I've had my mind changed and now I will figure out how to attach this brake pressure transducer to the brake system in order to only regen when the brake pedal is depressed.


----------



## evmetro (Apr 9, 2012)

Caps18 said:


> I've had my mind changed and now I will figure out how to attach this brake pressure transducer to the brake system in order to only regen when the brake pedal is depressed.


Here is an interesting thing to read before committing to a regen configuration

http://jackrickard.blogspot.com/2010/07/more-regenerative-braking-results-it.html


----------



## Caps18 (Jun 8, 2008)

The big production cars are setup to coast, but have regen and brake lights that come on when you hit the brakes.

It depends on your driving style, but the theory is that coasting and then regen at the very end is better than having to constantly push the energy pedal and then try and regen a lot when coming to a stop.


----------



## Caps18 (Jun 8, 2008)

evmetro said:


> The back of the steering wheel looks like a good spot, and it looks like they are seeing what I am seeing. Regen is great, but only if used appropriately.


Has anybody in the DIY community done the steering wheel regen button idea? I was driving yesterday in my ICE car and was thinking which would be the best. Hitting the brake pedal would probably activate the regular brakes. Having a switch you could push on the steering wheel would work out great for the driving around town that I do. I do need to be able to coast quite often too.

And i'm not sure there is a range of regen intensity when using the 0-5V or 0-5 ohm methods, but the third option in the controller wiring manual is for a switch that will activate the brake lights either when the real brakes are pushed or when the regen switch is hit.


----------



## Ivansgarage (Sep 3, 2011)

Caps18 said:


> Has anybody in the DIY community done the steering wheel regen button idea? I was driving yesterday in my ICE car and was thinking which would be the best. Hitting the brake pedal would probably activate the regular brakes. Having a switch you could push on the steering wheel would work out great for the driving around town that I do. I do need to be able to coast quite often too.
> 
> And i'm not sure there is a range of regen intensity when using the 0-5V or 0-5 ohm methods, but the third option in the controller wiring manual is for a switch that will activate the brake lights either when the real brakes are pushed or when the regen switch is hit.


Check out this post...

http://www.diyelectriccar.com/forums/showpost.php?p=383967&postcount=15


Ivan


----------



## Caps18 (Jun 8, 2008)

It is probably a lot easier hooking that up too compared with adding a brake transducer into the brake line someplace.

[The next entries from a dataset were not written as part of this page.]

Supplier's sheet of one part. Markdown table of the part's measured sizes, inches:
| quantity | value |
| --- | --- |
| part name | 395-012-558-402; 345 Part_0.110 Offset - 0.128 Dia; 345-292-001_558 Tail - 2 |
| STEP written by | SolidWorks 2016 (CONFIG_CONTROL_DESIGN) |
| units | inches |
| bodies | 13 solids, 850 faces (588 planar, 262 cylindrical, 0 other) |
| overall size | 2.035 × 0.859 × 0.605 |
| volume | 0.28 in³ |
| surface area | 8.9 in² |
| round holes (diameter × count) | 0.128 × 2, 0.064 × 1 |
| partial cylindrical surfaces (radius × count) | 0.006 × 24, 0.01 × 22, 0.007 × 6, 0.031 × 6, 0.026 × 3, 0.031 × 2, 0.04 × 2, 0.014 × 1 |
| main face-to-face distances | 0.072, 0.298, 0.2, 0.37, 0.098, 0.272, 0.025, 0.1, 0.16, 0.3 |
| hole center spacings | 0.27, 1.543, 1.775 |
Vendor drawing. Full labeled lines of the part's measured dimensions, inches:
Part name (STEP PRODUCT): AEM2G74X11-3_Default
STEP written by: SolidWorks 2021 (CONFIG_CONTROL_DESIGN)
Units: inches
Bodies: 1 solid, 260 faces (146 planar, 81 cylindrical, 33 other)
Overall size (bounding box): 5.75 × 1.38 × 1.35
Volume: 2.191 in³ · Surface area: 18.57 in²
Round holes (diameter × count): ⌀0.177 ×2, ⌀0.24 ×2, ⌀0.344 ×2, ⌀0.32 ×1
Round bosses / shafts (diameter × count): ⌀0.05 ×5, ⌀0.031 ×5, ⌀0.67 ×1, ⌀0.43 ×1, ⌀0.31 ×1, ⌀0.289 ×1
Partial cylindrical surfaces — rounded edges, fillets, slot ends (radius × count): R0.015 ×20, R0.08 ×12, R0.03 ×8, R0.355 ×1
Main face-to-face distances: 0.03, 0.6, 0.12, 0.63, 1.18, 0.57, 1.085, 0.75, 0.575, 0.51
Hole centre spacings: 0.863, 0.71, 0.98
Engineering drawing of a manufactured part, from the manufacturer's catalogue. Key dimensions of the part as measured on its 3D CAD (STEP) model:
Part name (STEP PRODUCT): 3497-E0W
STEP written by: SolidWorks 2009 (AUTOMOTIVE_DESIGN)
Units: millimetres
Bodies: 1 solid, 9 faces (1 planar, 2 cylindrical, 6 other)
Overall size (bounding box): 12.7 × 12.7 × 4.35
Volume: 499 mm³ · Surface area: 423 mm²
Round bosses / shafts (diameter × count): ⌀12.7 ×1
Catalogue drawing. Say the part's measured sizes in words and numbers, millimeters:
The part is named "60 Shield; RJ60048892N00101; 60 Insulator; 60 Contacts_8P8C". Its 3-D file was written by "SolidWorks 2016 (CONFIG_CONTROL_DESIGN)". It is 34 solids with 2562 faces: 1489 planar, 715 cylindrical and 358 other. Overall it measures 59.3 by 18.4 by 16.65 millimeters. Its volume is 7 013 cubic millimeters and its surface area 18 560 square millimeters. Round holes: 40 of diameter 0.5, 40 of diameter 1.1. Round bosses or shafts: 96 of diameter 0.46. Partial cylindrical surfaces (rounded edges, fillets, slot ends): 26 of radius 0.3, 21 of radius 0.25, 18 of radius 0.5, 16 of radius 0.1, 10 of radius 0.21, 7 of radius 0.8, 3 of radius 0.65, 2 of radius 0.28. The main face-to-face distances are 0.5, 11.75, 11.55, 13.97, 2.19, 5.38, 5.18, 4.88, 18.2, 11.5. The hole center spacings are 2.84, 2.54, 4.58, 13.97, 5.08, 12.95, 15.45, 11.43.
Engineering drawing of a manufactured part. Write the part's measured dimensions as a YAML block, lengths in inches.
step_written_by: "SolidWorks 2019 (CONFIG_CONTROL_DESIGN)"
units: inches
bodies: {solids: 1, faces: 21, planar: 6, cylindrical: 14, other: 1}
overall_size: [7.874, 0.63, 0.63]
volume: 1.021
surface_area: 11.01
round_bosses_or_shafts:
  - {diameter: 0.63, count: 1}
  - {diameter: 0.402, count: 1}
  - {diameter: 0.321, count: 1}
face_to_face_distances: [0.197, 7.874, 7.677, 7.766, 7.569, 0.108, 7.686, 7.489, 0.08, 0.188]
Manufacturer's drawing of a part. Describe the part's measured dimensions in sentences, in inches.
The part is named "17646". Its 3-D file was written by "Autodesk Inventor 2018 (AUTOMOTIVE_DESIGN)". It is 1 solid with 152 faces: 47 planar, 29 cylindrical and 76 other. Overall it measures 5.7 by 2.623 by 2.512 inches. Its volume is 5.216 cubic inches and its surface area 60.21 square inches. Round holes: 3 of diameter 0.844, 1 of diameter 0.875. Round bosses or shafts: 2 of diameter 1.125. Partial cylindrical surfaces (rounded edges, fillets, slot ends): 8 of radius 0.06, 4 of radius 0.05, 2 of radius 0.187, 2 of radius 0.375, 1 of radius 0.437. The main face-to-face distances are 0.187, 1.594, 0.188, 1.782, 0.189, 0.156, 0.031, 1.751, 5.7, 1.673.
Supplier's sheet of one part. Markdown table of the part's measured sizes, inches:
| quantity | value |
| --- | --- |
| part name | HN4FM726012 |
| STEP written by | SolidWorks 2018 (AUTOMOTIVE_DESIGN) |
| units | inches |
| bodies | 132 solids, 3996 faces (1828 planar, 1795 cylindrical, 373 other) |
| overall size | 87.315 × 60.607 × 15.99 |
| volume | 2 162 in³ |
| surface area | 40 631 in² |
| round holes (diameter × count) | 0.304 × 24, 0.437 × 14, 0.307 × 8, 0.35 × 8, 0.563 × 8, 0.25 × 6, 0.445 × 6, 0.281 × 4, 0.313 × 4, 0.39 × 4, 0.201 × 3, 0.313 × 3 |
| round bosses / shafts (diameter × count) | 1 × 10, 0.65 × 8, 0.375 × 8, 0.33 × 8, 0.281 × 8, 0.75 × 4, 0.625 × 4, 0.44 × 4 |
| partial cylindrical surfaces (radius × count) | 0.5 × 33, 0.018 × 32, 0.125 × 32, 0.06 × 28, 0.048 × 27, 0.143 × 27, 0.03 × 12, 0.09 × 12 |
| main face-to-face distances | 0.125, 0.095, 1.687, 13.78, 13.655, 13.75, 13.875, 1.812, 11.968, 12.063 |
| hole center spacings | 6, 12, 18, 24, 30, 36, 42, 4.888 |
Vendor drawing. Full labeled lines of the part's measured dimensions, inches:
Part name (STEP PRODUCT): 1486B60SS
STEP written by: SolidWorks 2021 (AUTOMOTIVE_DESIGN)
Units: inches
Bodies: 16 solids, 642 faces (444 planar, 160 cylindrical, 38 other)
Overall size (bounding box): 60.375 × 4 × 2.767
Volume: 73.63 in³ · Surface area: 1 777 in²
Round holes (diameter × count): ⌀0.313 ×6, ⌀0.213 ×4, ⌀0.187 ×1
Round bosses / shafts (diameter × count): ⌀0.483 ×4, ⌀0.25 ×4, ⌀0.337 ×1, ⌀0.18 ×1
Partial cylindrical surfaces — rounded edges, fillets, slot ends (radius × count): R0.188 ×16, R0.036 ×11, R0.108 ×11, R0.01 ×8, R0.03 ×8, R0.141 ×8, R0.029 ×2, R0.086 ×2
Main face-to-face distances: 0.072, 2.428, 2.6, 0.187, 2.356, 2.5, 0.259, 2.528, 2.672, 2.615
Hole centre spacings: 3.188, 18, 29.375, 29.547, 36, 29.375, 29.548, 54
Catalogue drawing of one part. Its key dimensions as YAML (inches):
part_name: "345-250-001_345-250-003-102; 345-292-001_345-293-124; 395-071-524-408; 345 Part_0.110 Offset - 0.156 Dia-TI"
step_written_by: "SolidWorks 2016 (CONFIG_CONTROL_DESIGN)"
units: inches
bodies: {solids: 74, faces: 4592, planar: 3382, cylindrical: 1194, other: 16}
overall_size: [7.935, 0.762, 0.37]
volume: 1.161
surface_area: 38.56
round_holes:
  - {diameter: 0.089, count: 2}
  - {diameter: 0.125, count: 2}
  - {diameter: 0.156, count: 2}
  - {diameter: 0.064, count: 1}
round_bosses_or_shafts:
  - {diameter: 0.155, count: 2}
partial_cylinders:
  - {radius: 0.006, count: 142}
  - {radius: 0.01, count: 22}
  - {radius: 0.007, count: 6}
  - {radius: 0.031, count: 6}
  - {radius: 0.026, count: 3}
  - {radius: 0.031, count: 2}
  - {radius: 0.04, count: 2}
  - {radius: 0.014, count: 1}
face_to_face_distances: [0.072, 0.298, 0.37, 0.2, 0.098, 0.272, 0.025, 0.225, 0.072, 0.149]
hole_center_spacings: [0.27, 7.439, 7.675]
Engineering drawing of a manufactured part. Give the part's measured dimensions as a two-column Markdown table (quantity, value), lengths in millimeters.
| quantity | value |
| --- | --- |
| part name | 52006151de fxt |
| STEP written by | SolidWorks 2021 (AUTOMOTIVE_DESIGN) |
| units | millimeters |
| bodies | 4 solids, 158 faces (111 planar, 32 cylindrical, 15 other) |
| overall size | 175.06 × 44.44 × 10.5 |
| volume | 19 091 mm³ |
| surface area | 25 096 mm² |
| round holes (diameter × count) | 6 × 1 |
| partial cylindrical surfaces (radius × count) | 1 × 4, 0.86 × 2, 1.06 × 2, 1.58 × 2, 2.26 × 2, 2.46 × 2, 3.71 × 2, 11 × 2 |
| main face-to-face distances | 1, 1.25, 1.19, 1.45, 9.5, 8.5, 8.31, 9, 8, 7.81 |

I could probably add a bigger paddle onto that thumb throttle to make it easier to hit with your fingers. Kind of like the high beam or turn signals on the steering column.


----------



## tomofreno (Mar 3, 2009)

evmetro said:


> Here is an interesting thing to read before committing to a regen configuration
> 
> http://jackrickard.blogspot.com/2010/07/more-regenerative-braking-results-it.html


And this:
http://www.diyelectriccar.com/forums/showpost.php?p=192152&postcount=559

And this:
http://www.diyelectriccar.com/forums/showpost.php?p=192247&postcount=562

Jack's tests made no sense. I'm fairly confident he had a touchy throttle and kept lifting it too much resulting in too much slowing with regen, then accelerating back to speed, etc, modulating the kinetic energy of the car, and loosing a bit of energy each cycle. 

My present thinking is there are a number of ways to implement control of regen, pot on the throttle, accelerator only, brake pedal (pot or transducer), or a combination of the last two (the way HPEVS does it). All can be used effectively, but I think the combination HPEVS uses might work best. You can then apply aggressive regen with the brake pedal, and have it less aggressive on the accelerator. But if you like a lever on the steering column go for it. To each his own.


----------



## dougingraham (Jul 26, 2011)

Jack did more regen testing in a later program. He had other people drive the course and got different results. I believe that Jack was the most efficient driver and his most efficient result was no regen. Brian was the least efficient driver and he gained the most energy recovery from regen. But it was a poor result compared to Jack's driving without regen.

To me there must be some benefit to it. If the only thing you do is apply regen when you are actually applying the brakes you will reclaim some energy. People who hypermile almost never touch the brakes. Coast down regen is probably at best a minor loss of efficiency. It just happens to make the car feel more like an ICE car to drive. I don't have regen on my car. And I cringe a little every time I step on the brakes because of this. But overall it has probably made me a more efficient driver.


----------



## Moltenmetal (Mar 20, 2014)

How about this: a little extension of the brake pedal travel, and an added pot on that travel, so you gradually apply regen when you press the brake pedal and are at full regen before you apply any mechanical braking? The pressure transducer on the brake system wastes energy you could recover by regen so isn't appealing. The 1pedal driving default loses the benefit of coasting which could be a fairly big efficiency hit. The thumb throttle brake could work but would take a fair bit of driver attention. Only question is, does the master cylinder rely on the brakeedal springs to pull it back when not in use? If so, the extra brake pedal throw would be hard to accomplish.


----------



## major (Apr 4, 2008)

Moltenmetal said:


> How about this: a little extension of the brake pedal travel, and an added pot on that travel, so you gradually apply regen when you press the brake pedal and are at full regen before you apply any mechanical braking?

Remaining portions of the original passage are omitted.